→ **Exercise details**
Word for word, reproduce the data that follows.

[Data items]

────

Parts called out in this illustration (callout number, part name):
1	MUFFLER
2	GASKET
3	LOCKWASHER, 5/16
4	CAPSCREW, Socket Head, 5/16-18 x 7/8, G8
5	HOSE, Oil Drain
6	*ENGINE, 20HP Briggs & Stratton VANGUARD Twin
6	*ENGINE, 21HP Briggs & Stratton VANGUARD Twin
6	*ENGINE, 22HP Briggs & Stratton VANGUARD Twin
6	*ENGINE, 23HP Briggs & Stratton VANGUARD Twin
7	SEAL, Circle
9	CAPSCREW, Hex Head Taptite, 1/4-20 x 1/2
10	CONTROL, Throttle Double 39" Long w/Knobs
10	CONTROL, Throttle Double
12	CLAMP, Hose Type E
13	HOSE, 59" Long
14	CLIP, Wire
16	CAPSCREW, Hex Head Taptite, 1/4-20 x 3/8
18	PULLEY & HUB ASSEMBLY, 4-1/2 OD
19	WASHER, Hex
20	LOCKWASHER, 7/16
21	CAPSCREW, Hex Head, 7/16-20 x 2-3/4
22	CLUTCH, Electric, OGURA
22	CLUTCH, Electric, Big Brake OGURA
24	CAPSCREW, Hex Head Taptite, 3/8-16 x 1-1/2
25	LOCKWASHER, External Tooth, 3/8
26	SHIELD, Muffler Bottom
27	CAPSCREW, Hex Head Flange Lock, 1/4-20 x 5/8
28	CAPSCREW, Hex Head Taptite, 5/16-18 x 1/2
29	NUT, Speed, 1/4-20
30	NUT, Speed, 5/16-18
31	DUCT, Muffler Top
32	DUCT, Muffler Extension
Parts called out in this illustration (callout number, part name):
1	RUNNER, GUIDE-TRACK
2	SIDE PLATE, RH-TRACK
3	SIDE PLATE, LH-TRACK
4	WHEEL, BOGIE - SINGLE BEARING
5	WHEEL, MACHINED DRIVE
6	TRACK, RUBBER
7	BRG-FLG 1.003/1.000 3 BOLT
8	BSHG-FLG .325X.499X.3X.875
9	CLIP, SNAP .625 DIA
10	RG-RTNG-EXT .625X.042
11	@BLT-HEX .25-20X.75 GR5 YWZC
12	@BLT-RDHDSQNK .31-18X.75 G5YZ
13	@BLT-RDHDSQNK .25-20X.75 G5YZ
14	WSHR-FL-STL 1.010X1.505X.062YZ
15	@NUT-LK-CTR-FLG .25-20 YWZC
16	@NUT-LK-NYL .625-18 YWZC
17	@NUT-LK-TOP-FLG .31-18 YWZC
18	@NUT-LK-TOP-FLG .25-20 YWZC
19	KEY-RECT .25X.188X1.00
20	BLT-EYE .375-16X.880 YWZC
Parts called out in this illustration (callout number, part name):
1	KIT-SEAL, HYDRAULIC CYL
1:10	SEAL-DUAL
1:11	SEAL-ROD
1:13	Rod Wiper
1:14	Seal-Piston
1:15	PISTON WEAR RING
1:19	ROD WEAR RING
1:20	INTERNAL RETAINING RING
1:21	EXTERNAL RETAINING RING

────

→ **Exercise answer**
Parts called out in this illustration (callout number, part name):
1	MUFFLER
2	GASKET
3	LOCKWASHER, 5/16
4	CAPSCREW, Socket Head, 5/16-18 x 7/8, G8
5	HOSE, Oil Drain
6	*ENGINE, 20HP Briggs & Stratton VANGUARD Twin
6	*ENGINE, 21HP Briggs & Stratton VANGUARD Twin
6	*ENGINE, 22HP Briggs & Stratton VANGUARD Twin
6	*ENGINE, 23HP Briggs & Stratton VANGUARD Twin
7	SEAL, Circle
9	CAPSCREW, Hex Head Taptite, 1/4-20 x 1/2
10	CONTROL, Throttle Double 39" Long w/Knobs
10	CONTROL, Throttle Double
12	CLAMP, Hose Type E
13	HOSE, 59" Long
14	CLIP, Wire
16	CAPSCREW, Hex Head Taptite, 1/4-20 x 3/8
18	PULLEY & HUB ASSEMBLY, 4-1/2 OD
19	WASHER, Hex
20	LOCKWASHER, 7/16
21	CAPSCREW, Hex Head, 7/16-20 x 2-3/4
22	CLUTCH, Electric, OGURA
22	CLUTCH, Electric, Big Brake OGURA
24	CAPSCREW, Hex Head Taptite, 3/8-16 x 1-1/2
25	LOCKWASHER, External Tooth, 3/8
26	SHIELD, Muffler Bottom
27	CAPSCREW, Hex Head Flange Lock, 1/4-20 x 5/8
28	CAPSCREW, Hex Head Taptite, 5/16-18 x 1/2
29	NUT, Speed, 1/4-20
30	NUT, Speed, 5/16-18
31	DUCT, Muffler Top
32	DUCT, Muffler Extension
Parts called out in this illustration (callout number, part name):
1	RUNNER, GUIDE-TRACK
2	SIDE PLATE, RH-TRACK
3	SIDE PLATE, LH-TRACK
4	WHEEL, BOGIE - SINGLE BEARING
5	WHEEL, MACHINED DRIVE
6	TRACK, RUBBER
7	BRG-FLG 1.003/1.000 3 BOLT
8	BSHG-FLG .325X.499X.3X.875
9	CLIP, SNAP .625 DIA
10	RG-RTNG-EXT .625X.042
11	@BLT-HEX .25-20X.75 GR5 YWZC
12	@BLT-RDHDSQNK .31-18X.75 G5YZ
13	@BLT-RDHDSQNK .25-20X.75 G5YZ
14	WSHR-FL-STL 1.010X1.505X.062YZ
15	@NUT-LK-CTR-FLG .25-20 YWZC
16	@NUT-LK-NYL .625-18 YWZC
17	@NUT-LK-TOP-FLG .31-18 YWZC
18	@NUT-LK-TOP-FLG .25-20 YWZC
19	KEY-RECT .25X.188X1.00
20	BLT-EYE .375-16X.880 YWZC
Parts called out in this illustration (callout number, part name):
1	KIT-SEAL, HYDRAULIC CYL
1:10	SEAL-DUAL
1:11	SEAL-ROD
1:13	Rod Wiper
1:14	Seal-Piston
1:15	PISTON WEAR RING
1:19	ROD WEAR RING
1:20	INTERNAL RETAINING RING
1:21	EXTERNAL RETAINING RING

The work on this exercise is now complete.